I had the pleasure of looking after a friends collection one holiday season while his baby panthers were hatching - never have I been closer to cuteness overload.  :Very Happy: 

Congratulations.  :Salute: 


dr del

----------


## boasandballs

thanks all,  they are so cute.  Everyday I have another one or two hatch.  It's kind of like Christmas everyday.

----------


## warman0712

Oh My God. There soooo small. Ive never seen baby chameleons before. There soooo cool.

----------


## Chocolate Muffin's

I've never seen baby Chams either, they are really precious.

----------


## boasandballs

Yes, they are so small.  I can't see if they are eating, it is driving me crazy.  I think for the first 3 I have already fed off 1/2 of the fruit fly culture already.

----------


## Fallguy

Cute little buggers!! :Good Job:  :Dancin' Banana:  :Dancin' Banana:

----------


## Teresa

I am so glad these guys are coming out they are so cute. They remind me of their dad. I was so glad to see my little boy did such a good job now for the rest to come out. Any more today? I love the pictures they are great. They are eating. you may not beable to tell but they are I seen little cham poo in the cage.

----------

_boasandballs_ (01-11-2010)

----------


## boasandballs

> I am so glad these guys are coming out they are so cute. They remind me of their dad. I was so glad to see my little boy did such a good job now for the rest to come out. Any more today? I love the pictures they are great. They are eating. you may not beable to tell but they are I seen little cham poo in the cage.
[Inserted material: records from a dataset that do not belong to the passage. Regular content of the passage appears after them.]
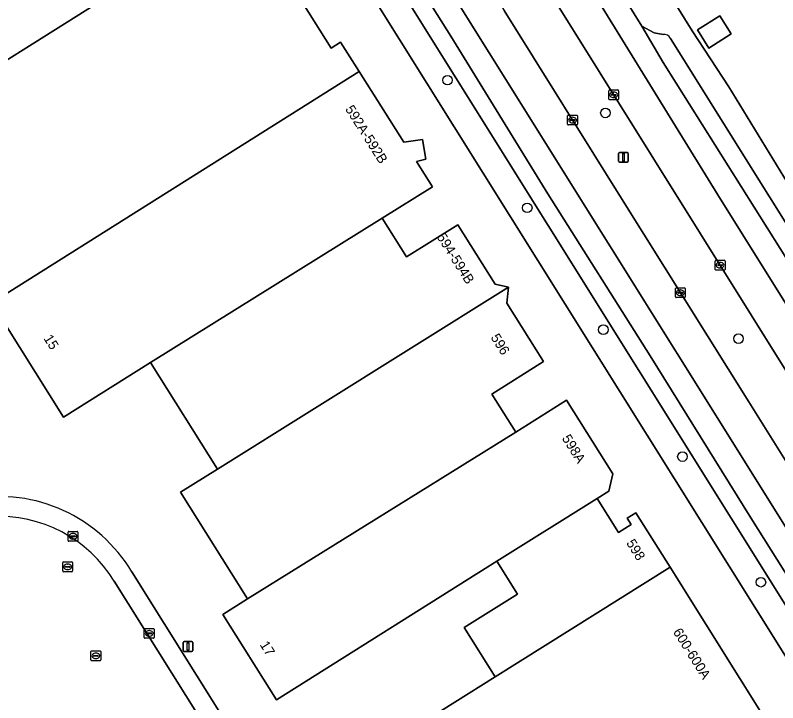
# Model space of a CAD drawing. Extents: x 158455 to 159797, y 387218 to 388672.
# Drawn here: x 158762.6 to 158840, y 387898.2 to 387968.1 of the extents above; entities that cross this region are included whole.
import ezdxf

# ---------------------------------------------------------------- set-up
doc = ezdxf.new("R2010")
doc.units = 0
for name, color, linetype in [('IMGEO_Berm_groen', 7, 'Continuous'), ('IMGEO_Boom', 7, 'Continuous'), ('IMGEO_Erf', 7, 'Continuous'), ('IMGEO_Kolk', 7, 'Continuous'), ('IMGEO_Lichtmast', 7, 'Continuous'), ('IMGEO_Pand', 7, 'Continuous'), ('IMGEO_Pand_nummerreeks', 7, 'Continuous'), ('IMGEO_Parkeervlak_open', 7, 'Continuous'), ('IMGEO_Rijbaan_lokaal_gesloten', 7, 'Continuous'), ('IMGEO_Rioolput', 7, 'Continuous'), ('IMGEO_Voetpad_open', 7, 'Continuous')]:
    doc.layers.add(name, color=color, linetype=linetype)

msp = doc.modelspace()

# ---------------------------------------------------------------- linework, layer by layer
at = {"layer": 'IMGEO_Berm_groen'}
msp.add_lwpolyline([(158816.975, 387970.262), (158811.283, 387979.426), (158807.11, 387976.831), (158812.237, 387968.597), (158824.322, 387949.219), (158837.096, 387928.793), (158852.17, 387904.676), (158856.298, 387907.238), (158851.263, 387915.352), (158842.383, 387929.569)], close=True, dxfattribs=at)
at = {"layer": 'IMGEO_Boom'}
for centre in [(158806.484, 387961.502), (158822.537, 387958.172), (158814.584, 387948.523), (158822.315, 387936.137), (158836.057, 387935.229), (158830.363, 387923.243), (158838.331, 387910.476)]:
    msp.add_circle(centre, 0.489, dxfattribs=at)
at = {"layer": 'IMGEO_Erf'}
for points in [[(158854.735, 387880.753), (158793.275, 387978.973), (158792.305, 387978.478), (158790.47, 387981.392), (158753.29, 388041.304)], [(158749.281, 387955.743), (158770.844, 387969.279), (158753.021, 387997.953)], [(158787.923, 387975.486), (158794.654, 387964.764), (158795.624, 387965.373), (158797.52, 387962.365), (158802.043, 387955.188), (158803.951, 387955.471), (158804.28, 387953.485), (158803.348, 387953.221), (158804.953, 387950.663), (158799.855, 387947.465), (158802.32, 387943.534), (158807.539, 387946.808), (158811.325, 387940.773), (158812.686, 387940.462), (158812.506, 387938.845), (158816.236, 387932.898), (158810.985, 387929.604), (158813.419, 387925.724), (158818.595, 387928.97), (158823.283, 387921.495), (158822.88, 387919.738), (158821.691, 387918.992), (158823.867, 387915.525), (158825.147, 387916.328), (158824.743, 387916.971), (158825.634, 387917.53), (158829.104, 387912), (158839.832, 387894.906)], [(158826.221, 387974.793), (158831.334, 387966.514), (158835.07, 387960.815), (158842.141, 387949.248), (158843.316, 387949.991), (158853.96, 387956.721), (158850.974, 387961.5), (158846.775, 387958.876), (158845.515, 387960.893), (158849.689, 387963.501), (158846.777, 387968.156)], [(158811.337, 387900.849), (158808.188, 387905.866), (158813.602, 387909.264), (158811.507, 387912.599), (158789.112, 387898.534), (158783.665, 387907.21), (158786.163, 387908.778), (158779.36, 387919.615), (158783.112, 387921.971), (158776.307, 387932.809), (158767.448, 387927.248), (158760.153, 387938.869)], [(158774.412, 387911.516), (158810.725, 387853.499), (158813.329, 387855.1), (158814.288, 387855.778), (158828.822, 387864.767), (158823.515, 387873.222), (158823.877, 387873.45), (158821.045, 387877.964), (158816.451, 387875.081), (158814.132, 387878.775), (158805.657, 387873.457), (158794.929, 387890.552), (158811.337, 387900.849)]]:
    msp.add_lwpolyline(points, dxfattribs=at)
msp.add_lwpolyline([(158831.874, 387966.612), (158834.159, 387968.04), (158835.311, 387966.196), (158833.027, 387964.768)], close=True, dxfattribs=at)
msp.add_arc((158760.897, 387903.456), 15.736, 30.80953, 100.02614, dxfattribs=at)
at = {"layer": 'IMGEO_Kolk'}
for p, q in [((158822.878, 387959.578), (158822.878, 387960.43)), ((158822.953, 387960.504), (158823.805, 387960.504)), ((158823.879, 387960.43), (158823.879, 387959.578)), ((158823.137, 387959.998), (158823.137, 387960.01)), ((158823.575, 387959.961), (158823.177, 387959.961)), ((158823.18, 387960.047), (158823.578, 387960.047)), ((158823.389, 387959.724), (158823.364, 387959.724)), ((158823.366, 387960.284), (158823.391, 387960.284)), ((158823.621, 387960.01), (158823.621, 387959.998)), ((158823.805, 387959.504), (158822.953, 387959.504)), ((158818.691, 387957.02), (158818.691, 387957.872)), ((158818.766, 387957.946), (158819.618, 387957.946)), ((158818.95, 387957.44), (158818.95, 387957.452)), ((158819.388, 387957.403), (158818.99, 387957.403)), ((158818.993, 387957.489), (158819.391, 387957.489)), ((158819.179, 387957.726), (158819.204, 387957.726)), ((158819.434, 387957.452), (158819.434, 387957.44)), ((158819.692, 387957.872), (158819.692, 387957.02)), ((158819.618, 387956.946), (158818.766, 387956.946)), ((158819.202, 387957.166), (158819.177, 387957.166)), ((158833.686, 387942.268), (158833.686, 387943.12)), ((158833.761, 387943.194), (158834.613, 387943.194)), ((158833.945, 387942.688), (158833.945, 387942.7)), ((158834.383, 387942.651), (158833.985, 387942.651)), ((158833.988, 387942.737), (158834.386, 387942.737)), ((158834.174, 387942.974), (158834.199, 387942.974)), ((158834.429, 387942.7), (158834.429, 387942.688)), ((158834.687, 387943.12), (158834.687, 387942.268)), ((158834.613, 387942.194), (158833.761, 387942.194)), ((158834.197, 387942.414), (158834.172, 387942.414)), ((158829.652, 387939.471), (158829.652, 387940.323)), ((158829.727, 387940.397), (158830.579, 387940.397)), ((158830.653, 387940.323), (158830.653, 387939.471)), ((158829.911, 387939.891), (158829.911, 387939.903)), ((158830.349, 387939.854), (158829.951, 387939.854)), ((158829.954, 387939.94), (158830.352, 387939.94)), ((158830.163, 387939.617), (158830.138, 387939.617)), ((158830.14, 387940.177), (158830.165, 387940.177)), ((158830.395, 387939.903), (158830.395, 387939.891)), ((158830.579, 387939.397), (158829.727, 387939.397)), ((158767.922, 387914.715), (158767.922, 387915.567)), ((158767.997, 387915.641), (158768.849, 387915.641)), ((158768.923, 387915.567), (158768.923, 387914.715)), ((158768.181, 387915.135), (158768.181, 387915.147)), ((158768.619, 387915.098), (158768.221, 387915.098)), ((158768.224, 387915.184), (158768.622, 387915.184)), ((158768.433, 387914.861), (158768.408, 387914.861)), ((158768.41, 387915.421), (158768.435, 387915.421)), ((158768.665, 387915.147), (158768.665, 387915.135)), ((158768.849, 387914.641), (158767.997, 387914.641)), ((158775.67, 387904.847), (158775.67, 387905.699)), ((158775.745, 387905.773), (158776.597, 387905.773)), ((158776.158, 387905.553), (158776.183, 387905.553)), ((158776.671, 387905.699), (158776.671, 387904.847)), ((158776.597, 387904.773), (158775.745, 387904.773)), ((158775.929, 387905.267), (158775.929, 387905.279)), ((158776.367, 387905.23), (158775.969, 387905.23)), ((158775.972, 387905.316), (158776.37, 387905.316)), ((158776.181, 387904.993), (158776.156, 387904.993)), ((158776.413, 387905.279), (158776.413, 387905.267))]:
    msp.add_line(p, q, dxfattribs=at)
for points in [[(158822.878, 387959.578), (158822.878, 387960.43)], [(158822.953, 387960.504), (158823.805, 387960.504)], [(158823.879, 387960.43), (158823.879, 387959.578)], [(158823.805, 387959.504), (158822.953, 387959.504)], [(158818.691, 387957.02), (158818.691, 387957.872)], [(158818.766, 387957.946), (158819.618, 387957.946)], [(158819.692, 387957.872), (158819.692, 387957.02)], [(158819.618, 387956.946), (158818.766, 387956.946)], [(158833.686, 387942.268), (158833.686, 387943.12)], [(158833.761, 387943.194), (158834.613, 387943.194)], [(158834.687, 387943.12), (158834.687, 387942.268)], [(158834.613, 387942.194), (158833.761, 387942.194)], [(158829.652, 387939.471), (158829.652, 387940.323)], [(158829.727, 387940.397), (158830.579, 387940.397)], [(158830.653, 387940.323), (158830.653, 387939.471)], [(158830.579, 387939.397), (158829.727, 387939.397)], [(158767.922, 387914.715), (158767.922, 387915.567)], [(158767.997, 387915.641), (158768.849, 387915.641)], [(158768.923, 387915.567), (158768.923, 387914.715)], [(158768.849, 387914.641), (158767.997, 387914.641)], [(158775.67, 387904.847), (158775.67, 387905.699)], [(158775.745, 387905.773), (158776.597, 387905.773)], [(158776.671, 387905.699), (158776.671, 387904.847)], [(158776.597, 387904.773), (158775.745, 387904.773)]]:
    msp.add_lwpolyline(points, dxfattribs=at)
for centre, radius, start, end in [((158822.955, 387960.428), 0.0765, 91.55205, 178.44795), ((158822.955, 387960.428), 0.0765, 91.55205, 178.44795), ((158823.803, 387960.428), 0.0765, 1.55205, 88.44795), ((158823.803, 387960.428), 0.0765, 1.55205, 88.44795), ((158823.177, 387960.007), 0.0403, 85.87752, 175.75265), ((158823.174, 387959.997), 0.0366, 178.93798, 274.71019), ((158823.578, 387960.004), 0.043, 264.86636, 352.45326), ((158823.582, 387960.009), 0.0386, 1.73085, 96.63898), ((158822.955, 387959.58), 0.0765, 181.55205, 268.44795), ((158822.955, 387959.58), 0.0765, 181.55205, 268.44795), ((158823.803, 387959.58), 0.0765, 271.55205, 358.44795), ((158823.803, 387959.58), 0.0765, 271.55205, 358.44795), ((158818.768, 387957.87), 0.0765, 91.55205, 178.44795), ((158818.768, 387957.87), 0.0765, 91.55205, 178.44795), ((158818.99, 387957.449), 0.0403, 85.87752, 175.75265), ((158818.987, 387957.439), 0.0366, 178.93798, 274.71019), ((158819.391, 387957.446), 0.043, 264.86636, 352.45326), ((158819.395, 387957.451), 0.0386, 1.73085, 96.63898), ((158819.616, 387957.87), 0.0765, 1.55205, 88.44795), ((158819.616, 387957.87), 0.0765, 1.55205, 88.44795), ((158818.768, 387957.022), 0.0765, 181.55205, 268.44795), ((158818.768, 387957.022), 0.0765, 181.55205, 268.44795), ((158819.616, 387957.022), 0.0765, 271.55205, 358.44795), ((158819.616, 387957.022), 0.0765, 271.55205, 358.44795), ((158833.763, 387943.118), 0.0765, 91.55205, 178.44795), ((158833.763, 387943.118), 0.0765, 91.55205, 178.44795), ((158833.985, 387942.697), 0.0403, 85.87752, 175.75265), ((158833.982, 387942.687), 0.0366, 178.93798, 274.71019), ((158834.386, 387942.694), 0.043, 264.86636, 352.45326), ((158834.39, 387942.699), 0.0386, 1.73085, 96.63898), ((158834.611, 387943.118), 0.0765, 1.55205, 88.44795), ((158834.611, 387943.118), 0.0765, 1.55205, 88.44795), ((158833.763, 387942.27), 0.0765, 181.55205, 268.44795), ((158833.763, 387942.27), 0.0765, 181.55205, 268.44795), ((158834.611, 387942.27), 0.0765, 271.55205, 358.44795), ((158834.611, 387942.27), 0.0765, 271.55205, 358.44795), ((158829.729, 387940.321), 0.0765, 91.55205, 178.44795), ((158829.729, 387940.321), 0.0765, 91.55205, 178.44795), ((158830.577, 387940.321), 0.0765, 1.55205, 88.44795), ((158830.577, 387940.321), 0.0765, 1.55205, 88.44795), ((158829.951, 387939.9), 0.0403, 85.87752, 175.75265), ((158829.948, 387939.89), 0.0366, 178.93798, 274.71019), ((158830.352, 387939.897), 0.043, 264.86636, 352.45326), ((158830.356, 387939.902), 0.0386, 1.73085, 96.63898), ((158829.729, 387939.473), 0.0765, 181.55205, 268.44795), ((158829.729, 387939.473), 0.0765, 181.55205, 268.44795), ((158830.577, 387939.473), 0.0765, 271.55205, 358.44795), ((158830.577, 387939.473), 0.0765, 271.55205, 358.44795), ((158767.999, 387915.565), 0.0765, 91.55205, 178.44795), ((158767.999, 387915.565), 0.0765, 91.55205, 178.44795), ((158768.847, 387915.565), 0.0765, 1.55205, 88.44795), ((158768.847, 387915.565), 0.0765, 1.55205, 88.44795), ((158767.999, 387914.717), 0.0765, 181.55205, 268.44795), ((158767.999, 387914.717), 0.0765, 181.55205, 268.44795), ((158768.221, 387915.144), 0.0403, 85.87752, 175.75265), ((158768.218, 387915.134), 0.0366, 178.93798, 274.71019), ((158768.622, 387915.141), 0.043, 264.86636, 352.45326), ((158768.626, 387915.146), 0.0386, 1.73085, 96.63898), ((158768.847, 387914.717), 0.0765, 271.55205, 358.44795), ((158768.847, 387914.717), 0.0765, 271.55205, 358.44795), ((158775.747, 387905.697), 0.0765, 91.55205, 178.44795), ((158775.747, 387905.697), 0.0765, 91.55205, 178.44795), ((158776.595, 387905.697), 0.0765, 1.55205, 88.44795), ((158776.595, 387905.697), 0.0765, 1.55205, 88.44795), ((158775.747, 387904.849), 0.0765, 181.55205, 268.44795), ((158775.747, 387904.849), 0.0765, 181.55205, 268.44795), ((158775.969, 387905.276), 0.0403, 85.87752, 175.75265), ((158775.966, 387905.266), 0.0366, 178.93798, 274.71019), ((158776.37, 387905.273), 0.043, 264.86636, 352.45326), ((158776.374, 387905.278), 0.0386, 1.73085, 96.63898), ((158776.595, 387904.849), 0.0765, 271.55205, 358.44795), ((158776.595, 387904.849), 0.0765, 271.55205, 358.44795)]:
    msp.add_arc(centre, radius, start, end, dxfattribs=at)
for centre, major_axis, ratio, start_param, end_param in [((158823.365, 387960.004), (-0.387, 0.002), 0.722429, 4.712389, 7.853982), ((158823.39, 387960.004), (-0.39, 0.002), 0.717154, 1.570796, 4.712389), ((158819.178, 387957.446), (-0.387, 0.002), 0.722429, 4.712389, 7.853982), ((158819.203, 387957.446), (-0.39, 0.002), 0.717154, 1.570796, 4.712389), ((158834.173, 387942.694), (-0.387, 0.002), 0.722429, 4.712389, 7.853982), ((158834.198, 387942.694), (-0.39, 0.002), 0.717154, 1.570796, 4.712389), ((158830.139, 387939.897), (-0.387, 0.002), 0.722429, 4.712389, 7.853982), ((158830.164, 387939.897), (-0.39, 0.002), 0.717154, 1.570796, 4.712389), ((158768.409, 387915.141), (-0.387, 0.002), 0.722429, 4.712389, 7.853982), ((158768.434, 387915.141), (-0.39, 0.002), 0.717154, 1.570796, 4.712389), ((158776.157, 387905.273), (-0.387, 0.002), 0.722429, 4.712389, 7.853982), ((158776.182, 387905.273), (-0.39, 0.002), 0.717154, 1.570796, 4.712389)]:
    msp.add_ellipse(centre, major_axis=major_axis, ratio=ratio, start_param=start_param, end_param=end_param, dxfattribs=at)
at = {"layer": 'IMGEO_Lichtmast'}
for p, q in [((158823.871, 387953.259), (158823.871, 387954.059)), ((158823.871, 387954.059), (158823.871, 387953.259)), ((158823.971, 387954.159), (158824.761, 387954.159)), ((158824.761, 387954.159), (158823.971, 387954.159)), ((158824.861, 387954.059), (158824.861, 387953.259)), ((158824.861, 387953.259), (158824.861, 387954.059)), ((158824.761, 387953.159), (158823.971, 387953.159)), ((158823.971, 387953.159), (158824.761, 387953.159)), ((158779.62, 387903.545), (158779.62, 387904.345)), ((158779.62, 387904.345), (158779.62, 387903.545)), ((158779.72, 387904.445), (158780.51, 387904.445)), ((158780.51, 387904.445), (158779.72, 387904.445)), ((158780.61, 387904.345), (158780.61, 387903.545)), ((158780.61, 387903.545), (158780.61, 387904.345)), ((158780.51, 387903.445), (158779.72, 387903.445)), ((158779.72, 387903.445), (158780.51, 387903.445))]:
    msp.add_line(p, q, dxfattribs=at)
for points in [[(158824.291, 387954.034), (158824.441, 387954.034), (158824.441, 387953.284), (158824.291, 387953.284), (158824.291, 387954.034)], [(158780.04, 387904.32), (158780.19, 387904.32), (158780.19, 387903.57), (158780.04, 387903.57), (158780.04, 387904.32)]]:
    msp.add_lwpolyline(points, dxfattribs=at)
for centre, start, end in [((158823.971, 387954.059), 90, 180), ((158823.971, 387954.059), 90, 180), ((158824.761, 387954.059), 0, 90), ((158824.761, 387954.059), 360, 90), ((158823.971, 387953.259), 180, 270), ((158823.971, 387953.259), 180, 270), ((158824.761, 387953.259), 270, 0), ((158824.761, 387953.259), 270, 0), ((158779.72, 387904.345), 90, 180), ((158779.72, 387904.345), 90, 180), ((158780.51, 387904.345), 0, 90), ((158780.51, 387904.345), 360, 90), ((158779.72, 387903.545), 180, 270), ((158779.72, 387903.545), 180, 270), ((158780.51, 387903.545), 270, 0), ((158780.51, 387903.545), 270, 0)]:
    msp.add_arc(centre, 0.1, start, end, dxfattribs=at)
at = {"layer": 'IMGEO_Pand'}
for points in [[(158758.286, 388025.218), (158746.563, 388017.931), (158757.32, 388000.625), (158756.314, 388000), (158753.021, 387997.953), (158770.844, 387969.279), (158749.281, 387955.743), (158745.046, 387953.084), (158755.718, 387936.084), (158760.153, 387938.869), (158797.52, 387962.365), (158795.624, 387965.373), (158794.654, 387964.764), (158787.923, 387975.486), (158788.935, 387976.121), (158786.995, 387979.213), (158773.954, 388000), (158765.132, 388014.2), (158763.942, 388013.46), (158762.622, 388015.583), (158763.813, 388016.323)], [(158831.874, 387966.612), (158833.027, 387964.768), (158835.311, 387966.196), (158834.159, 387968.04)], [(158776.307, 387932.809), (158799.855, 387947.465), (158804.953, 387950.663), (158803.348, 387953.221), (158804.28, 387953.485), (158803.951, 387955.471), (158802.043, 387955.188), (158797.52, 387962.365), (158760.153, 387938.869), (158767.448, 387927.248)], [(158812.686, 387940.462), (158811.325, 387940.773), (158807.539, 387946.808), (158802.32, 387943.534), (158799.855, 387947.465), (158776.307, 387932.809), (158783.112, 387921.971)], [(158813.419, 387925.724), (158810.985, 387929.604), (158816.236, 387932.898), (158812.506, 387938.845), (158812.686, 387940.462), (158783.112, 387921.971), (158779.36, 387919.615), (158786.163, 387908.778)], [(158821.691, 387918.992), (158822.88, 387919.738), (158823.283, 387921.495), (158818.595, 387928.97), (158813.419, 387925.724), (158786.163, 387908.778), (158783.665, 387907.21), (158789.112, 387898.534), (158811.507, 387912.599)], [(158829.104, 387912), (158825.634, 387917.53), (158824.743, 387916.971), (158825.147, 387916.328), (158823.867, 387915.525), (158821.691, 387918.992), (158811.507, 387912.599), (158813.602, 387909.264), (158808.188, 387905.866), (158811.337, 387900.849)], [(158811.337, 387900.849), (158794.929, 387890.552), (158805.657, 387873.457), (158814.132, 387878.775), (158839.832, 387894.906), (158829.104, 387912)]]:
    msp.add_lwpolyline(points, close=True, dxfattribs=at)
at = {"layer": 'IMGEO_Parkeervlak_open'}
for points in [[(158816.677, 387949.935), (158806.829, 387965.972), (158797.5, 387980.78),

Yes they are sooo cute.  Thanks Teresa for the great chameleons.

----------


## boasandballs

> I am so glad these guys are coming out they are so cute. They remind me of their dad. I was so glad to see my little boy did such a good job now for the rest to come out. Any more today? I love the pictures they are great. They are eating. you may not beable to tell but they are I seen little cham poo in the cage.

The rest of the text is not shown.